- EXERCISE INSTRUCTIONS: Leave out the pictures and give back all the entries exactly as written.

EXERCISE DATA section start

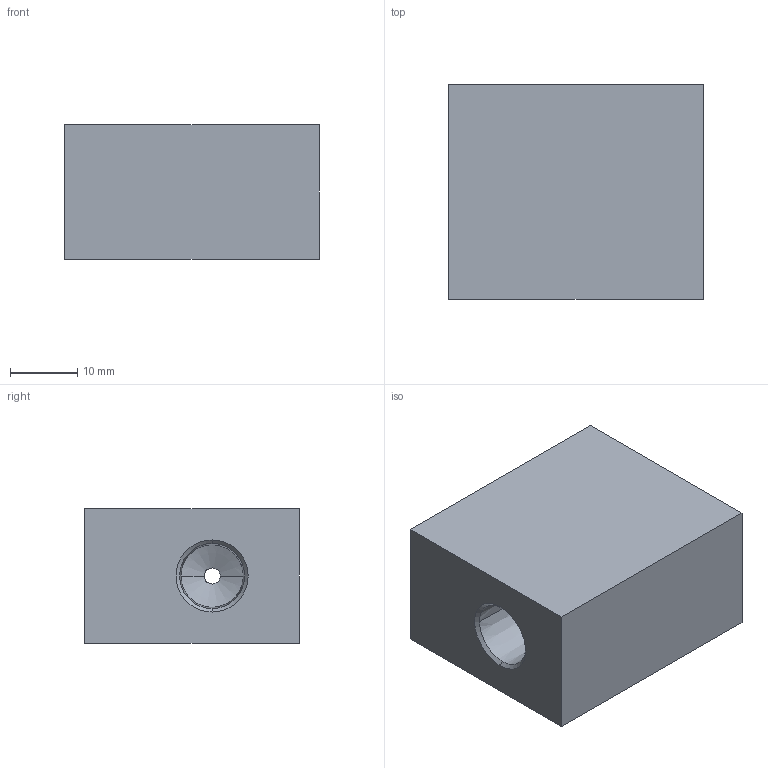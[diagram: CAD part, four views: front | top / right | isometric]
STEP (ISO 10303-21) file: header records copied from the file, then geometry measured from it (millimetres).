
FILE_DESCRIPTION (( 'STEP AP203' ), '1' );
FILE_NAME ('FTPTS02.STEP', '2026-06-26T01:49:34', ( 'USER' ), ( '' ), 'SwSTEP 2.0', 'SolidWorks 2023', '' );
FILE_SCHEMA (( 'CONFIG_CONTROL_DESIGN' ));
Length unit declared in the file: millimetre
Products named in the file (1): FTPTS02
Bounding box: 38 x 32 x 20 mm (x, y, z)
Volume: 21998.2 mm3; surface area: 6232.1 mm2
Topology: 1 solids, 1 shells, 34 faces, 79 edges, 46 vertices
Faces by surface type: cone 18, cylinder 10, plane 6
Entity records: 1042 total; most frequent: DIRECTION 179, CARTESIAN_POINT 172, ORIENTED_EDGE 158, EDGE_CURVE 79, AXIS2_PLACEMENT_3D 69, VERTEX_POINT 46, VECTOR 41, LINE 41

EXERCISE DATA section end

- FINAL ANSWER:
[diagram: CAD part, four views: front | top / right | isometric]
STEP (ISO 10303-21) file: header records copied from the file, then geometry measured from it (millimetres).
FILE_DESCRIPTION (( 'STEP AP203' ), '1' );
FILE_NAME ('FTPTS02.STEP', '2026-06-26T01:49:34', ( 'USER' ), ( '' ), 'SwSTEP 2.0', 'SolidWorks 2023', '' );
FILE_SCHEMA (( 'CONFIG_CONTROL_DESIGN' ));
Length unit declared in the file: millimetre
Products named in the file (1): FTPTS02
Bounding box: 38 x 32 x 20 mm (x, y, z)
Volume: 21998.2 mm3; surface area: 6232.1 mm2
Topology: 1 solids, 1 shells, 34 faces, 79 edges, 46 vertices
Faces by surface type: cone 18, cylinder 10, plane 6
Entity records: 1042 total; most frequent: DIRECTION 179, CARTESIAN_POINT 172, ORIENTED_EDGE 158, EDGE_CURVE 79, AXIS2_PLACEMENT_3D 69, VERTEX_POINT 46, VECTOR 41, LINE 41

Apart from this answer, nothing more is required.